# Wax issues?



## mrmidWest (Sep 26, 2011)

I recently waxed my Capita, no problems, and it worked real well on the mountain. I'm now trying to wax my Echelon and I'm getting these rough patches of wax when i scrape it along the side. I keep trying to scrape it but it doesnt seem to be doing anything.. The patches are about an inch from the edge, 2-3 inches wide, and run almost the length of the board, until the nose and tail curve up. Anyone know what I'm doing wrong or what I can do to correct this?


----------



## wrathfuldeity (Oct 5, 2007)

idk, maybe they used a harder wax on the edges where it wears off faster. Perhaps de-wax it with base cleaner, let dry and re-wax.


----------



## honeycomb (Feb 6, 2011)

Are you sure you're scraping wax? Rough white patches are usually where the base is dried out, no wax. Try buffing it with scotch brite, if it doesn't go away the base is dried out. Check your iron temp and make sure you're getting the base warm enough to absorb the wax. It should take 10-20mins to melt in the wax, get it hot enough that it stays liquid for 20-30seconds after you move the iron to a different part of the base. If the base is really dried out, let the board cool then melt the wax in again, adding more wax in places if needed.


----------



## EchelonSnow (Apr 25, 2011)

Hi, don here. What board are you riding?
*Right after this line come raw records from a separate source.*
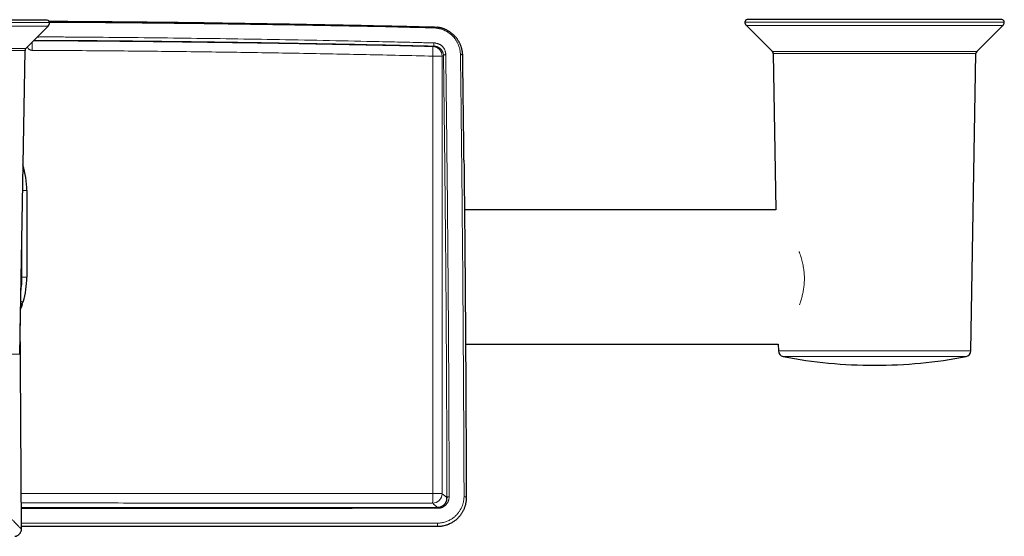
# Model space of a CAD drawing. Header units: millimetres. Extents: x 8 to 1465, y 12 to 1156.
# Tile 9 of 168: x 642 to 847, y 56 to 163. Entities that reach past the tile are written whole.
import ezdxf

# ---------------------------------------------------------------- set-up
doc = ezdxf.new("R2010")
doc.units = ezdxf.units.MM

msp = doc.modelspace()

# ---------------------------------------------------------------- linework, layer by layer
at = {"color": 7, "linetype": 'Continuous', "lineweight": 30}
for p, q in [((648.05, 163.28), (625.3, 163.28)), ((643.6, 157.42), (648.26, 162.08)), ((793.6, 162.19), (799.03, 156.76)), ((846.8, 163.4), (793.8, 163.4)), ((841.58, 156.76), (847.01, 162.19)), ((642.32, 93.74), (643.43, 157)), ((799.21, 156.34), (799.77, 123.78)), ((840.32, 94.38), (841.4, 156.34)), ((643.8, 127.78), (643.8, 109.78)), ((799.77, 123.78), (734.92, 123.78)), ((735.14, 95.78), (800.26, 95.78)), ((800.26, 95.78), (800.29, 94.38))]:
    msp.add_line(p, q, dxfattribs=at)
at = {"color": 252, "linetype": 'Continuous', "lineweight": 0}
for p, q in [((648.55, 162.78), (625.3, 162.78)), ((648.26, 162.08), (625.3, 162.08)), ((847.3, 162.9), (793.3, 162.9)), ((847.01, 162.19), (793.6, 162.19)), ((643.6, 157.42), (625.3, 157.42)), ((643.43, 157), (625.3, 157)), ((728.32, 155.8), (730.26, 155.8)), ((728.32, 64.67), (728.32, 155.8)), ((730.26, 155.8), (730.26, 64.67)), ((841.58, 156.76), (799.03, 156.76)), ((841.4, 156.34), (799.21, 156.34)), ((643.8, 127.78), (642.92, 127.78)), ((642.8, 109.78), (642.8, 121.39)), ((643.8, 109.78), (642.8, 109.78)), ((800.29, 94.38), (840.32, 94.38)), ((625.3, 93.74), (642.32, 93.74)), ((839.35, 93.23), (801.26, 93.23)), ((728.32, 64.67), (730.26, 64.67))]:
    msp.add_line(p, q, dxfattribs=at)
at = {"color": 252, "linetype": 'Continuous', "lineweight": 0, "flags": 128}
for points in [[(731.01, 156.14), (730.94, 156.13), (730.87, 156.12), (730.8, 156.1), (730.74, 156.08), (730.68, 156.05), (730.64, 156.03), (730.6, 156), (730.57, 155.97), (730.56, 155.94), (730.55, 155.91)], [(734.07, 156.15), (734.15, 156.14), (734.22, 156.13), (734.28, 156.12), (734.34, 156.1), (734.4, 156.08), (734.45, 156.05), (734.48, 156.03), (734.52, 156), (734.54, 155.97), (734.55, 155.94), (734.55, 155.91)], [(731.73, 64.04), (731.65, 64.03), (731.58, 64.02), (731.52, 64), (731.46, 63.98), (731.41, 63.96), (731.37, 63.93), (731.33, 63.9), (731.31, 63.87), (731.29, 63.84), (731.28, 63.81)], [(734.83, 64.04), (734.9, 64.03), (734.97, 64.02), (735.04, 64), (735.1, 63.98), (735.16, 63.96), (735.2, 63.93), (735.24, 63.9), (735.26, 63.87), (735.28, 63.84), (735.29, 63.81)]]:
    msp.add_lwpolyline(points, dxfattribs=at)
at = {"color": 7, "linetype": 'Continuous', "lineweight": 30}
for centre, radius, start, end in [((648.05, 162.78), 0.5, 0, 90), ((647.55, 162.78), 1, 315, 0), ((793.8, 162.9), 0.5, 90, 180), ((794.3, 162.9), 1, 180, 225), ((846.8, 162.9), 0.5, 0, 90), ((846.3, 162.9), 1, 315, 0), ((644.03, 156.99), 0.6, 135, 179), ((798.61, 156.33), 0.6, 1, 45), ((842, 156.33), 0.6, 135, 179), ((625.3, 127.78), 18.5, 0, 16.8544), ((625.3, 109.78), 18.5, 343.7223, 0), ((642.58, 104.74), 0.5, 270, 343.7223), ((625.3, 109.78), 18.5, 338.2052, 342.0702), ((801.49, 94.41), 1.2, 181, 259.0206), ((839.12, 94.41), 1.2, 280.9794, 359), ((820.3, 191.4), 100, 259.0206, 270), ((820.3, 191.4), 100, 270, 280.9794)]:
    msp.add_arc(centre, radius, start, end, dxfattribs=at)
at = {"color": 252, "linetype": 'Continuous', "lineweight": 0}
for centre, radius, start, end in [((726.72, 161.76), 1.91, 357.6003, 3.6024), ((737.19, 158.17), 8.63, 177.4092, 181.8174), ((728.26, 155.8), 2, 0.0114, 88.5498), ((710.85, 156.72), 17.49, 357.0058, 3.558), ((625.3, 109.78), 17.5, 350.2189, 0), ((728.26, 64.68), 2, 270.075, 359.9348), ((710.12, 64.21), 18.21, 355.1636, 1.4592), ((724.05, 61.65), 5.25, 359.727, 1.695), ((721.24, 58.31), 8.08, 356.3758, 1.4422)]:
    msp.add_arc(centre, radius, start, end, dxfattribs=at)
at = {"color": 7, "linetype": 'Continuous', "lineweight": 30}
for points, knots in [([(648.46, 163.07), (648.54, 163.07), (648.68, 163.07), (648.89, 163.07), (649.08, 163.07), (649.34, 163.07), (649.66, 163.07), (650.17, 163.07), (650.81, 163.06), (651.58, 163.06), (653.33, 163.05), (656.66, 163.02), (662.5, 162.98), (669.17, 162.91), (676.06, 162.84), (683.28, 162.74), (691.52, 162.62), (701.08, 162.46), (710.91, 162.28), (719.35, 162.1), (724.83, 161.97), (727.15, 161.91), (728, 161.89), (728.42, 161.88), (728.63, 161.88)], [0, 0, 0, 0, 0.003139, 0.005549, 0.007965, 0.010391, 0.015172, 0.019956, 0.029534, 0.039128, 0.048724, 0.094871, 0.163903, 0.267172, 0.344417, 0.421663, 0.537225, 0.652789, 0.779043, 0.905299, 0.968426, 0.984213, 0.992106, 1, 1, 1, 1]), ([(728.63, 161.88), (728.7, 161.87), (728.86, 161.87), (729.08, 161.85), (729.23, 161.83), (729.3, 161.82)], [0, 0, 0, 0, 0.338412, 0.676825, 1, 1, 1, 1]), ([(734.55, 155.91), (734.55, 155.97), (734.55, 156.1), (734.54, 156.3), (734.51, 156.52), (734.48, 156.75), (734.44, 156.97), (734.4, 157.18), (734.34, 157.4), (734.28, 157.62), (734.21, 157.83), (734.13, 158.04), (734.04, 158.25), (733.95, 158.45), (733.85, 158.65), (733.74, 158.85), (733.62, 159.04), (733.5, 159.23), (733.37, 159.41), (733.23, 159.59), (733.09, 159.76), (732.94, 159.93), (732.79, 160.09), (732.63, 160.24), (732.46, 160.39), (732.29, 160.53), (732.11, 160.67), (731.93, 160.8), (731.75, 160.92), (731.56, 161.04), (731.36, 161.15), (731.17, 161.25), (730.97, 161.35), (730.76, 161.43), (730.56, 161.51), (730.35, 161.58), (730.14, 161.65), (729.93, 161.7), (729.71, 161.75), (729.51, 161.79), (729.37, 161.81), (729.3, 161.82)], [0, 0, 0, 0, 0.019387, 0.046625, 0.07381, 0.100861, 0.127686, 0.154555, 0.181454, 0.208363, 0.235253, 0.262105, 0.288899, 0.315617, 0.342243, 0.368762, 0.395164, 0.421439, 0.44758, 0.473583, 0.499433, 0.525247, 0.551069, 0.576844, 0.602559, 0.628204, 0.65377, 0.67925, 0.704636, 0.729926, 0.755118, 0.780211, 0.805209, 0.830115, 0.854936, 0.879576, 0.904167, 0.928651, 0.95305, 0.977384, 1, 1, 1, 1]), ([(734.81, 134.12), (734.79, 136.28), (734.74, 140.89), (734.67, 146.88), (734.61, 151.32), (734.58, 153.74), (734.56, 154.95), (734.56, 155.63), (734.55, 155.86), (734.55, 155.91)], [0, 0, 0, 0, 0.296484, 0.635, 0.825138, 0.907608, 0.967667, 0.992558, 1, 1, 1, 1]), ([(734.82, 134.11), (734.85, 130.48), (734.93, 123.21), (735.02, 112.87), (735.1, 103.07), (735.16, 93.83), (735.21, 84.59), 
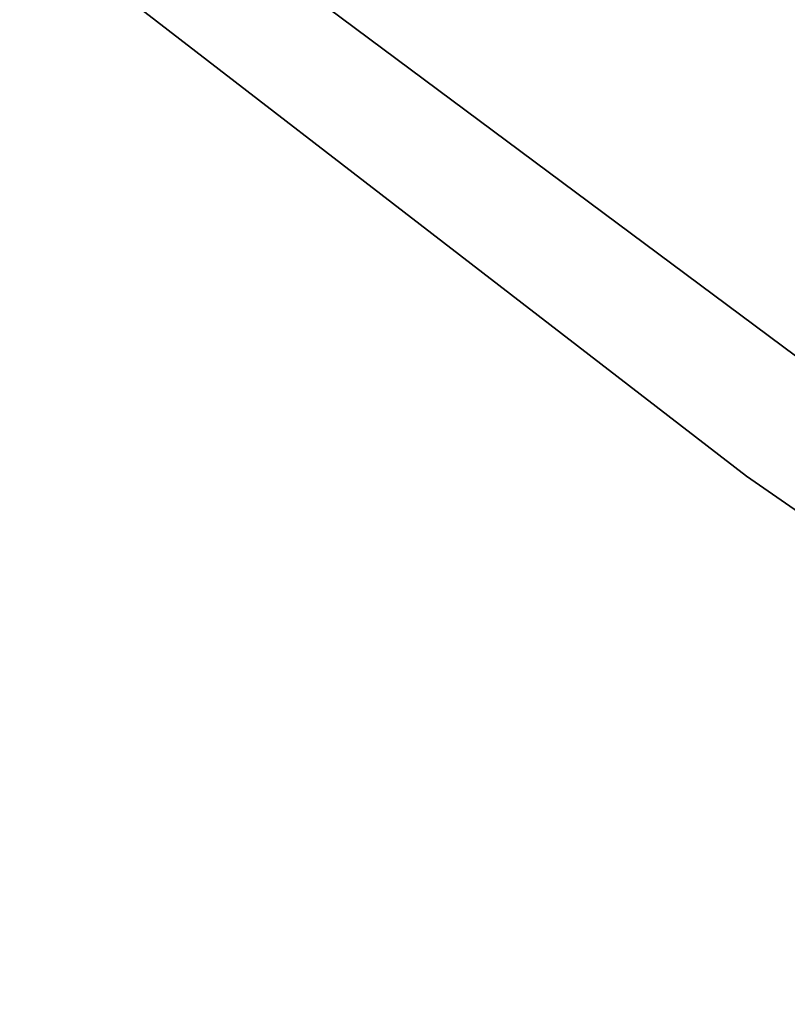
# Model space of a CAD drawing. Extents: x -775 to 775, y -775 to 775.
# Tile 40 of 256: x -445.15 to -439.72, y -606.14 to -599.18. Entities that reach past the tile are written whole.
import ezdxf

# ---------------------------------------------------------------- set-up
doc = ezdxf.new("R2010")
doc.units = 0
doc.layers.get('0').update_dxf_attribs({"color": 13, "linetype": 'CONTINUOUS'})

# ---------------------------------------------------------------- blocks, each defined once
blk = doc.blocks.new('OBJ_000001')
for p, q in [((-474.3949, -575.7174), (-414.9767, -619.9228)), ((-474.3949, -575.7174, 38.9998), (-414.9767, -619.9228, 38.9998)), ((-414.9767, -619.9228, 3), (-474.3949, -575.7174, 3))]:
    blk.add_line(p, q)
at = {"color": 7}
mesh = blk.add_polyface(dxfattribs=at)
corners = [(-472.4871, -573.4021, 18.222), (-468.5978, -576.5846), (-438.243, -599.9825)]
mesh.append_faces([[corners[k] for k in face] for face in [(0, 1, 2)]], dxfattribs={"color": 7})
blk = doc.blocks.new('OBJ_000002')
for p, q in [((-470.4898, -578.9127, 7), (-440.0125, -602.405, 7)), ((-470.4898, -578.9127, 30.1627), (-440.0125, -602.405, 30.1627)), ((-440.0125, -602.405, 7), (-408.3878, -624.2846, 7)), ((-440.0125, -602.405, 30.1627), (-408.3878, -624.2846, 30.1627)), ((-440.0125, -602.405, 7), (-440.0125, -602.405, 30.1627))]:
    blk.add_line(p, q)
at = {"color": 8}
mesh = blk.add_polyface(dxfattribs=at)
corners = [(-470.4898, -578.9127, 30.1627), (-440.0125, -602.405, 7), (-470.4898, -578.9127, 7), (-440.0125, -602.405, 30.1627)]
mesh.append_faces([[corners[k] for k in face] for face in [(0, 1, 2), (1, 0, 3)]], dxfattribs={"vtx0": -1, "color": 8})
mesh = blk.add_polyface(dxfattribs=at)
corners = [(-440.0125, -602.405, 30.1627), (-408.3878, -624.2846, 7), (-440.0125, -602.405, 7), (-408.3878, -624.2846, 30.1627)]
mesh.append_faces([[corners[k] for k in face] for face in [(0, 1, 2), (1, 0, 3)]], dxfattribs={"vtx0": -1, "color": 8})
blk = doc.blocks.new('SKPE74C')
for name in ['OBJ_000002', 'OBJ_000001']:
    blk.add_blockref(name, (0, 0))

msp = doc.modelspace()

# ---------------------------------------------------------------- block references
msp.add_blockref('SKPE74C', (0, 0))

doc.saveas('drawing.dxf')

I suspect that what you're getting is an artifact of extra wax from the non- flat base- if it's a BS/true3d board, remember that there is a central flat section, and two crescent shaped sections abou in the width you are describing that are the raised portions. This also occurs on the lite3d version, although it probably isn't as noticeable.

This is the case of all non-flat bases, not just us-- easy rider, spoon, TBT- they all require techniques different from traditional flat bases.


----------